The data —
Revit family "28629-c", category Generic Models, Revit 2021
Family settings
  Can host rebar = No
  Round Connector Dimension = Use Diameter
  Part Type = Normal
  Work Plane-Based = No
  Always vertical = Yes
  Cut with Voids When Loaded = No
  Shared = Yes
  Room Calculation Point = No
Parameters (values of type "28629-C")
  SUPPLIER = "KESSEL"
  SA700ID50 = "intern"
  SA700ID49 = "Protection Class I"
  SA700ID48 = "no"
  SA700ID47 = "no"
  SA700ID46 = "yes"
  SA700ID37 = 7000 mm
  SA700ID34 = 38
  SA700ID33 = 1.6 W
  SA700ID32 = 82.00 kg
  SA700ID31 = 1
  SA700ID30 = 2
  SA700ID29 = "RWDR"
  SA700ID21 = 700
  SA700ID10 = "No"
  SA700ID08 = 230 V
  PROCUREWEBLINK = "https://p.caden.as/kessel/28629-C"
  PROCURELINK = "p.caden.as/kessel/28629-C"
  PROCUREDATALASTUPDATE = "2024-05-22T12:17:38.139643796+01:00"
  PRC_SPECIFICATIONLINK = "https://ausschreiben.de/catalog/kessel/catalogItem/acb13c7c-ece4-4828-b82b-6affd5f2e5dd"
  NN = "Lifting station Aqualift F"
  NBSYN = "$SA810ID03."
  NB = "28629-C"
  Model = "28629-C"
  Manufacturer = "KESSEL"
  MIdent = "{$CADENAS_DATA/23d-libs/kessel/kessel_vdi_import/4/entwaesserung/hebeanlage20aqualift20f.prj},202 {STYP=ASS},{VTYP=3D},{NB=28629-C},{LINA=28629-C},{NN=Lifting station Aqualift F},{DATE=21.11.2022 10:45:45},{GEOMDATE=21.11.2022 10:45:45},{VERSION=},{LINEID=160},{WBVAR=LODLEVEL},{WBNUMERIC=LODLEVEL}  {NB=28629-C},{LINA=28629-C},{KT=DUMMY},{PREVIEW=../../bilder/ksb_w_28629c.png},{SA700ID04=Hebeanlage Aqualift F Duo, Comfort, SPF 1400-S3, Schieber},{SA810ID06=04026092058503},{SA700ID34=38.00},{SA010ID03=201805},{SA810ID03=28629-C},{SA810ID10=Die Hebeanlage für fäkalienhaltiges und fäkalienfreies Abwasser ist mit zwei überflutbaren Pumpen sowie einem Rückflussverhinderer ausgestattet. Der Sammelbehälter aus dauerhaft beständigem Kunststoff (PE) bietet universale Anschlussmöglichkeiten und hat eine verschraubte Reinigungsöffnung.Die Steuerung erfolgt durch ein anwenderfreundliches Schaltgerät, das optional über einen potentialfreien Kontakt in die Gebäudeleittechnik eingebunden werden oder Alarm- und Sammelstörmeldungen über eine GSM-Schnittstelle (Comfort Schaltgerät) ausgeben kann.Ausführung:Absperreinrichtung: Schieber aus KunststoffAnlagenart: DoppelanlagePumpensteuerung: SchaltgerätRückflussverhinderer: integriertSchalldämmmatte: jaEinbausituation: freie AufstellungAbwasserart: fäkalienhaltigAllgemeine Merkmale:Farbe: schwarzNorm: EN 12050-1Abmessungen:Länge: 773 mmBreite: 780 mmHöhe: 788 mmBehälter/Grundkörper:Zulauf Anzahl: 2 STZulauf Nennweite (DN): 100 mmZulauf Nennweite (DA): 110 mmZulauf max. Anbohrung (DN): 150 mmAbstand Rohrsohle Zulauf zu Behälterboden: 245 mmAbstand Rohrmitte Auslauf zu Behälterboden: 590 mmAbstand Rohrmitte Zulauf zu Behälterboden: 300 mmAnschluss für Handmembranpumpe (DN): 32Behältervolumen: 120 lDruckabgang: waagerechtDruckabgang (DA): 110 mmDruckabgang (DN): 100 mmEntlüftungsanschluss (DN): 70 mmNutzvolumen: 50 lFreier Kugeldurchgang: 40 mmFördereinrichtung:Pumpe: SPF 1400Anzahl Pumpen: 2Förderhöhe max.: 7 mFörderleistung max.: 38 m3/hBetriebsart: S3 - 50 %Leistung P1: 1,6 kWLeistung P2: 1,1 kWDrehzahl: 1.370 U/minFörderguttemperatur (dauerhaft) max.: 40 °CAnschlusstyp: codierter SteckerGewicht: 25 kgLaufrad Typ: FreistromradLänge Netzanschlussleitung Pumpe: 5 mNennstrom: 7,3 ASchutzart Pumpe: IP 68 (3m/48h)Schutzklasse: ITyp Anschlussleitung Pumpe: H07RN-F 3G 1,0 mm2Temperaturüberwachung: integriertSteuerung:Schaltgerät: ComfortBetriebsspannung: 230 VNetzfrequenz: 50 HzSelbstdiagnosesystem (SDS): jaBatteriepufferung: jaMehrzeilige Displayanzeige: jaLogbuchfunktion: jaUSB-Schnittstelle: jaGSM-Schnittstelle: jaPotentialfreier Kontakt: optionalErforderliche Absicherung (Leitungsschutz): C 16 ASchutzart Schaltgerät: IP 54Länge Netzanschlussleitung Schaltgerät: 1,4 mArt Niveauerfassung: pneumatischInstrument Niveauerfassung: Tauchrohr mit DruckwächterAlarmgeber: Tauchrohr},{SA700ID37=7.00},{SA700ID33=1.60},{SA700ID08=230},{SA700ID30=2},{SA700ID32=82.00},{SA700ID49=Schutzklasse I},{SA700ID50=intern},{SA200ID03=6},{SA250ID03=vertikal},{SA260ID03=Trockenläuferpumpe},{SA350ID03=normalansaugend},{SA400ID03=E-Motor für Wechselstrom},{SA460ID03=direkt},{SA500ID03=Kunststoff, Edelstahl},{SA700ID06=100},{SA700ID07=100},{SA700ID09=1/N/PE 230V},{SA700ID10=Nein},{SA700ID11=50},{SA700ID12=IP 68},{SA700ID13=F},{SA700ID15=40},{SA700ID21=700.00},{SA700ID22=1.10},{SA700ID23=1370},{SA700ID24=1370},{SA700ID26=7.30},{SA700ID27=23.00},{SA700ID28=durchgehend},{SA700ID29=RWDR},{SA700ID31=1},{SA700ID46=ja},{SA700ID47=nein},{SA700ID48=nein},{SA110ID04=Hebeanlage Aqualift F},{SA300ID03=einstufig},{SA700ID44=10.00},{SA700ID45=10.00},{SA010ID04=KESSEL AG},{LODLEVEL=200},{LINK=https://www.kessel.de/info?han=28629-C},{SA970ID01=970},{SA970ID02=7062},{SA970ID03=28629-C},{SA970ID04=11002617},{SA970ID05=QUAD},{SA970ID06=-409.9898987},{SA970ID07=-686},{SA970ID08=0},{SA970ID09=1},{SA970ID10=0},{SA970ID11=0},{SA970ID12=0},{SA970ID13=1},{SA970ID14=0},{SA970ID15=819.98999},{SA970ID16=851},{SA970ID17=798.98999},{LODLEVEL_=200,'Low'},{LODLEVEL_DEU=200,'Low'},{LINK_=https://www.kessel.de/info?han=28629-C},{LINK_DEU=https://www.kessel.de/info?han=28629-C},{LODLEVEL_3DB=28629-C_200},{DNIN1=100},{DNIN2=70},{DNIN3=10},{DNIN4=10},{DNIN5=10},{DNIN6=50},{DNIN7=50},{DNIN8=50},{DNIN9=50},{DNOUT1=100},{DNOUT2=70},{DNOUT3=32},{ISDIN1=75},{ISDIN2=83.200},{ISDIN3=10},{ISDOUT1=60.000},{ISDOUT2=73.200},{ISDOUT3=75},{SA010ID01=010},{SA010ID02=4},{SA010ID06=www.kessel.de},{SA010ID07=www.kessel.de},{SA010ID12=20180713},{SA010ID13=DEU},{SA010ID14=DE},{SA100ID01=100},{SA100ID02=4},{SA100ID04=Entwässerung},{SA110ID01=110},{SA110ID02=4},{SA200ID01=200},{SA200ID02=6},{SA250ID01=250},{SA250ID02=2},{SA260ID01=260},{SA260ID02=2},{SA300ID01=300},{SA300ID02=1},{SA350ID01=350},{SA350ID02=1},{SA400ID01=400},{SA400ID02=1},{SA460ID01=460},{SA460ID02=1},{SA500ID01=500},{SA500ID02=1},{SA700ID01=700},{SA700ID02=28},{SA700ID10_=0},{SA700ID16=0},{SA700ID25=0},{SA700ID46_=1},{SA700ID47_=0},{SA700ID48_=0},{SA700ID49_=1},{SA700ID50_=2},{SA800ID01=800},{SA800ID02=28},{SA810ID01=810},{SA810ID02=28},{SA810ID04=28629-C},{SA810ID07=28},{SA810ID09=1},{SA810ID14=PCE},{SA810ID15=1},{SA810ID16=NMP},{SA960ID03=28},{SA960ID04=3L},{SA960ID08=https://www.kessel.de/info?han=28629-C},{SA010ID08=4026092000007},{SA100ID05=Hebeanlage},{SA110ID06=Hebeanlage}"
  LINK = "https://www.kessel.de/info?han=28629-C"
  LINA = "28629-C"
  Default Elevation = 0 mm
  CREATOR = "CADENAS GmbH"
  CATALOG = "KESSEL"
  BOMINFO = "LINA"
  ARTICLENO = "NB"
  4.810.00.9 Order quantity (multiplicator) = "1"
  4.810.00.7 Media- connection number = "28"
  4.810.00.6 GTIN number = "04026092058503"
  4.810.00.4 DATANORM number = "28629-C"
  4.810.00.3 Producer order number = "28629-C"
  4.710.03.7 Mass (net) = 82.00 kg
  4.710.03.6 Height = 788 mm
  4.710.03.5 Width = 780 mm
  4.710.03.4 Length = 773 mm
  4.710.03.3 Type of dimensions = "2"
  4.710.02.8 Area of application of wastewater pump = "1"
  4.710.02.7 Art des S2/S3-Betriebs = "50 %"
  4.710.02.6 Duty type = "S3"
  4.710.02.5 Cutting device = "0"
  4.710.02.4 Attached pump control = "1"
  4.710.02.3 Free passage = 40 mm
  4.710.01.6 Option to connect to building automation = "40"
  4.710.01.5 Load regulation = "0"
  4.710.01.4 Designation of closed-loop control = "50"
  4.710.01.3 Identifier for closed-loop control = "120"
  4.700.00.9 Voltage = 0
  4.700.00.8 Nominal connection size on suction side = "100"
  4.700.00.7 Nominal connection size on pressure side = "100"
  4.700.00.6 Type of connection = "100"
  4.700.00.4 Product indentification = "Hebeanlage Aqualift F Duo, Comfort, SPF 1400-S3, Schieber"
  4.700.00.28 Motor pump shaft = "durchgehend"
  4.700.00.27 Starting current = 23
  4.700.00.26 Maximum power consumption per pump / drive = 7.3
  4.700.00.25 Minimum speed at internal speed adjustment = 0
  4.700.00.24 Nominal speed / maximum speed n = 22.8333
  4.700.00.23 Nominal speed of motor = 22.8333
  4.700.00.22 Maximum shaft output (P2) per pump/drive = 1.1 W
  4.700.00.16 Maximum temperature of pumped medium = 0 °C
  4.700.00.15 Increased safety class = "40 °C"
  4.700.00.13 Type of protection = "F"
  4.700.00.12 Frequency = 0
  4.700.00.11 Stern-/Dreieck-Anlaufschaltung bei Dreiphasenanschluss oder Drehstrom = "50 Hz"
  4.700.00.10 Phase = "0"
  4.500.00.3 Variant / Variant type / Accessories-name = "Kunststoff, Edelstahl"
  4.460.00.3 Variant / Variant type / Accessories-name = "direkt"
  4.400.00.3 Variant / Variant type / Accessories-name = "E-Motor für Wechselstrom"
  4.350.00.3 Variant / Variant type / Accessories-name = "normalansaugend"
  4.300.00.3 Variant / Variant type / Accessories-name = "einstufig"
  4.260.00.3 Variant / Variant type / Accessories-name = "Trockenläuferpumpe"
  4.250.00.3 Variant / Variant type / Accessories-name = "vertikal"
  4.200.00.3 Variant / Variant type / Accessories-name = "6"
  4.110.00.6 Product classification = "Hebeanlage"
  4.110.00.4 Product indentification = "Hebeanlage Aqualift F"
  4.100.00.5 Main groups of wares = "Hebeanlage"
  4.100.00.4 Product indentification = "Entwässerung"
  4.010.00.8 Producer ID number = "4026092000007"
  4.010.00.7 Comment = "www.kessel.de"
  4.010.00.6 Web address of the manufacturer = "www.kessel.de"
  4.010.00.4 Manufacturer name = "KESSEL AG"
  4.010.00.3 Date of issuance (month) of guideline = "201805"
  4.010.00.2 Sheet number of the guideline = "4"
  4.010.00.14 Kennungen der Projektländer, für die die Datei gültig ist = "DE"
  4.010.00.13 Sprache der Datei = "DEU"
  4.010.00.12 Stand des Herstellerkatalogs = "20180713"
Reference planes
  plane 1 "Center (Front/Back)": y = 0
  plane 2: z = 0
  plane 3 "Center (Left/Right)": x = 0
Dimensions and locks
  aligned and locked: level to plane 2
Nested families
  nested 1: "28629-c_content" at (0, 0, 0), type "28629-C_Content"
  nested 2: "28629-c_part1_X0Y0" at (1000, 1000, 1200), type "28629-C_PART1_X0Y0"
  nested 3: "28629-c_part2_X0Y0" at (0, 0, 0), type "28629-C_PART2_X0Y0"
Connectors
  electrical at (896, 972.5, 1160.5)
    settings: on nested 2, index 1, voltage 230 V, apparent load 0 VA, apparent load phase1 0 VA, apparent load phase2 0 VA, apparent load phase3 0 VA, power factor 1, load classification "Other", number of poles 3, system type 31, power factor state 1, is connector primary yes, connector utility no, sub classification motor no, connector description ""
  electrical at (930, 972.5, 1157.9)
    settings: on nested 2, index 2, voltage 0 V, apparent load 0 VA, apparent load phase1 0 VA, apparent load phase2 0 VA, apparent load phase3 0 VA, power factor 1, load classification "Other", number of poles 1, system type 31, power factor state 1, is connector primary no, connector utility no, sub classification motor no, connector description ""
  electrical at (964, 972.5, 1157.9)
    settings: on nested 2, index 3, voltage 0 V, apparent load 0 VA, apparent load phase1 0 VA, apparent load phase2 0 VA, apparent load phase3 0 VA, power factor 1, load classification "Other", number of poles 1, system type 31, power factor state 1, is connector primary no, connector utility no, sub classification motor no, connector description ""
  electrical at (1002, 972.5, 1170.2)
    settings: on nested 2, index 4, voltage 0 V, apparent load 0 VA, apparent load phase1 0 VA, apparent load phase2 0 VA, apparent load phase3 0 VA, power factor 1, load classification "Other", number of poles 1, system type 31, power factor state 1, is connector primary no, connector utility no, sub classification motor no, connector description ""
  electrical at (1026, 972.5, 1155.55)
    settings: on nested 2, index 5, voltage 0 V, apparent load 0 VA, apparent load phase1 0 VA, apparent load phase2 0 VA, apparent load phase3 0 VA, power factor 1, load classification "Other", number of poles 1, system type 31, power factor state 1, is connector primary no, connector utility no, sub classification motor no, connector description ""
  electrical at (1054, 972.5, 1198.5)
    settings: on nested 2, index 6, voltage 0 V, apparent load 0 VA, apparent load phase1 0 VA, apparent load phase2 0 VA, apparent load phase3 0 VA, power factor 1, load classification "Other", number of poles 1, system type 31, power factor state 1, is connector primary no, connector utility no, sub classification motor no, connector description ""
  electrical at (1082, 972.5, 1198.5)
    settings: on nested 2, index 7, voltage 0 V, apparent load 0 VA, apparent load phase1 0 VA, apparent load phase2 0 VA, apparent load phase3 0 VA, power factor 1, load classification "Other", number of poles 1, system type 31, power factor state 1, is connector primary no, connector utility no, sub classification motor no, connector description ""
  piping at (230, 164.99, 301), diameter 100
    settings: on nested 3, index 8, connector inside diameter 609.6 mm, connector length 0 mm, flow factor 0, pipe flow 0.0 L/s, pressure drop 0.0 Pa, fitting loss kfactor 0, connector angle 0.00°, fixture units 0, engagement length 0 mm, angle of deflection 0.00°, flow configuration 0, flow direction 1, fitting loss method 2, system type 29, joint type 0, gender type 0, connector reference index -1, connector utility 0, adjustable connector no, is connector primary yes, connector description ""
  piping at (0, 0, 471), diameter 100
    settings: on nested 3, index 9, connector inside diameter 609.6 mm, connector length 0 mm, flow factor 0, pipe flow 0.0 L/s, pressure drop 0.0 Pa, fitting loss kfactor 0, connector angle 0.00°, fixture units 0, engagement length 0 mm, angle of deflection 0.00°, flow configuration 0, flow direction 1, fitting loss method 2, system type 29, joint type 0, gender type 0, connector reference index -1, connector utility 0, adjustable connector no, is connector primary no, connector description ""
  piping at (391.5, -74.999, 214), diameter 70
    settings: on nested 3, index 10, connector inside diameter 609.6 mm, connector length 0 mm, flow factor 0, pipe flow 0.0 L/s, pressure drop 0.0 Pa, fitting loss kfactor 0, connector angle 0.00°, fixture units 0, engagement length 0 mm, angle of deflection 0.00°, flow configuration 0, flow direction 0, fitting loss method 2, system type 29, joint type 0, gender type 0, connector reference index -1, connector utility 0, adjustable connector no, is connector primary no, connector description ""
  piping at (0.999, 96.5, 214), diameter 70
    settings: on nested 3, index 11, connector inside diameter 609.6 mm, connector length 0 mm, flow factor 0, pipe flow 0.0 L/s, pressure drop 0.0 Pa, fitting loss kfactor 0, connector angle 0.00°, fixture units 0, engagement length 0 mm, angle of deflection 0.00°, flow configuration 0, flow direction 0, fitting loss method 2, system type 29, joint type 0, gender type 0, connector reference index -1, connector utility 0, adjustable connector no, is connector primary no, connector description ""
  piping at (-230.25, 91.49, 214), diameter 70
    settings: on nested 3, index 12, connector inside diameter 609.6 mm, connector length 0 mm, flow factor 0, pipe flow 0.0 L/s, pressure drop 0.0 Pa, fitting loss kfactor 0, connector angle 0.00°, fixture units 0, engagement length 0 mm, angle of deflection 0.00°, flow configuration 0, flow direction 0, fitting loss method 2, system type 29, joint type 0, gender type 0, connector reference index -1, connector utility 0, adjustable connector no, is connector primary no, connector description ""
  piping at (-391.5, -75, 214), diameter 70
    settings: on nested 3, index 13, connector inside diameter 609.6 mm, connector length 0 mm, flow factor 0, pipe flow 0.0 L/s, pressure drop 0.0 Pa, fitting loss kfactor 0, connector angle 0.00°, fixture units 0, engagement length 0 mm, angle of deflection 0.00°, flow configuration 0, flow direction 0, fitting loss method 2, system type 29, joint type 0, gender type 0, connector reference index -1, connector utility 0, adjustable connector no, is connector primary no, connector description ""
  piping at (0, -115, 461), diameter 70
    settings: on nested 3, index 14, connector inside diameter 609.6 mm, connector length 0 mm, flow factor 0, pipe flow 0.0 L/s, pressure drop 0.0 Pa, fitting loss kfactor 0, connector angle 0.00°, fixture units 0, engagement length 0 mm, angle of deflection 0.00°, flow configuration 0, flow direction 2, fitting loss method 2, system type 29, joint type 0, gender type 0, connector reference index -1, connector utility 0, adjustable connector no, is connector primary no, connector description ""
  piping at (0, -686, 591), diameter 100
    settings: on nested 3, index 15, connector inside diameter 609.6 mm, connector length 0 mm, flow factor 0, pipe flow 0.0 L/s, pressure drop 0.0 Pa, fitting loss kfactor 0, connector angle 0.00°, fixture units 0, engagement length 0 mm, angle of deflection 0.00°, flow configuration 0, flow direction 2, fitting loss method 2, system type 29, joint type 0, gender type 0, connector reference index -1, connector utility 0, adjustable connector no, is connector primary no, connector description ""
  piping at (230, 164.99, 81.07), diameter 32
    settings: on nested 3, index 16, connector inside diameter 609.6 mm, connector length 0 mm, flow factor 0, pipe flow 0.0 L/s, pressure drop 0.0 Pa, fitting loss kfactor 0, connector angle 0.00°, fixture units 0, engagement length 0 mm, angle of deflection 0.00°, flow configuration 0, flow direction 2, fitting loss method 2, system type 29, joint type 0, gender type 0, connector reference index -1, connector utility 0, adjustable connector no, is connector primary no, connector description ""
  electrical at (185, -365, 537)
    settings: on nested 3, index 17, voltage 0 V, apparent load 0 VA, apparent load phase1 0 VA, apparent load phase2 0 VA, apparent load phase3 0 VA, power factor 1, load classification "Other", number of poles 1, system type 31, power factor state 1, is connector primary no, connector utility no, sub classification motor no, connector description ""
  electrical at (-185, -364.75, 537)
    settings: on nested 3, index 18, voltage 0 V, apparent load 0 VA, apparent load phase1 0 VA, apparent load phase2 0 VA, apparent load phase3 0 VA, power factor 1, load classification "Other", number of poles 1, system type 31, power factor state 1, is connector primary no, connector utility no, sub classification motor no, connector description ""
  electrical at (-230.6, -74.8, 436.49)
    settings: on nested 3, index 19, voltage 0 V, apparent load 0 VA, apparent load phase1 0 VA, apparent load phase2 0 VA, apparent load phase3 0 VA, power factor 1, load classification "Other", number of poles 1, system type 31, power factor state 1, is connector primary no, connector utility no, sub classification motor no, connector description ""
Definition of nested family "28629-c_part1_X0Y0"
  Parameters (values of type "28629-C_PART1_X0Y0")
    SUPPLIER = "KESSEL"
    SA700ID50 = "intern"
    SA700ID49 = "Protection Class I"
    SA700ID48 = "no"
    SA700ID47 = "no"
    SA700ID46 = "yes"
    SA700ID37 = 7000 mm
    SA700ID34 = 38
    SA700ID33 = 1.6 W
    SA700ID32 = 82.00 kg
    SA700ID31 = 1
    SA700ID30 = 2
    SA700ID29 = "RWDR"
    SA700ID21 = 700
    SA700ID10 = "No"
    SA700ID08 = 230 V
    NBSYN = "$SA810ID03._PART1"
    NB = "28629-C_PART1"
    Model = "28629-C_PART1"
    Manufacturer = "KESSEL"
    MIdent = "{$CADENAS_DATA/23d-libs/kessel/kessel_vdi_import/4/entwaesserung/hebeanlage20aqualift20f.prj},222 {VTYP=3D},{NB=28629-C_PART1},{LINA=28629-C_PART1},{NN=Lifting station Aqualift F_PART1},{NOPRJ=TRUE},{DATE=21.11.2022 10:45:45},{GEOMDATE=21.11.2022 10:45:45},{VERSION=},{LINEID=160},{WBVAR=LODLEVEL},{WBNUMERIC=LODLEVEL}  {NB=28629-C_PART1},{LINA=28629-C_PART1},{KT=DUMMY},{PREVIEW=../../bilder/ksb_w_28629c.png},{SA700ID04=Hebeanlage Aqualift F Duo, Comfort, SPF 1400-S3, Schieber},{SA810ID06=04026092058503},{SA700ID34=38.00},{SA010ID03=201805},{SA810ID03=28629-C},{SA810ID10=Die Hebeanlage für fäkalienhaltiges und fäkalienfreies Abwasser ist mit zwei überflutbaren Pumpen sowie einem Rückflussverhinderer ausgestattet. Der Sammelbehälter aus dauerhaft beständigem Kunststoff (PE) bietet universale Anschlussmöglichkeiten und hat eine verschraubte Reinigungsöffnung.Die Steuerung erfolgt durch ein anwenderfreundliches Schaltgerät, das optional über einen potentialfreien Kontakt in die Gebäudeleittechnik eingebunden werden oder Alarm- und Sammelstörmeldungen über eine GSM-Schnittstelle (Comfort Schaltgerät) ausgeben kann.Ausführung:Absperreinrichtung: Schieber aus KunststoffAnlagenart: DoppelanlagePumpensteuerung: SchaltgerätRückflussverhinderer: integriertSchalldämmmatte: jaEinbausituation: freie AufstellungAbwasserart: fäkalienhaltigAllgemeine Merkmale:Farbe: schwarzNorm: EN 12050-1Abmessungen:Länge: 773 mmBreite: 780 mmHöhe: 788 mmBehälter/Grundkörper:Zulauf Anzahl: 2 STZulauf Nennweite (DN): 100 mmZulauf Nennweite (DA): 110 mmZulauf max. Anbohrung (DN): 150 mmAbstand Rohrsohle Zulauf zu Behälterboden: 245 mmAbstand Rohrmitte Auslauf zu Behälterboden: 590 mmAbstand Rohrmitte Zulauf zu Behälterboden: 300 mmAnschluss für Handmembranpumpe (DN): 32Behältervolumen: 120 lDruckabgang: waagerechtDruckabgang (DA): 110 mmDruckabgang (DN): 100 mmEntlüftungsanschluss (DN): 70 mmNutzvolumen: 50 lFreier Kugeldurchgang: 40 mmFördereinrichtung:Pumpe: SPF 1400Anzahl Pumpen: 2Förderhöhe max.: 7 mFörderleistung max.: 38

What to do — Quote the listing word for word from its first line through the line in which "Shared = Yes" appears.

Output of the task —
Revit family "28629-c", category Generic Models, Revit 2021
Family settings
  Can host rebar = No
  Round Connector Dimension = Use Diameter
  Part Type = Normal
  Work Plane-Based = No
  Always vertical = Yes
  Cut with Voids When Loaded = No
  Shared = Yes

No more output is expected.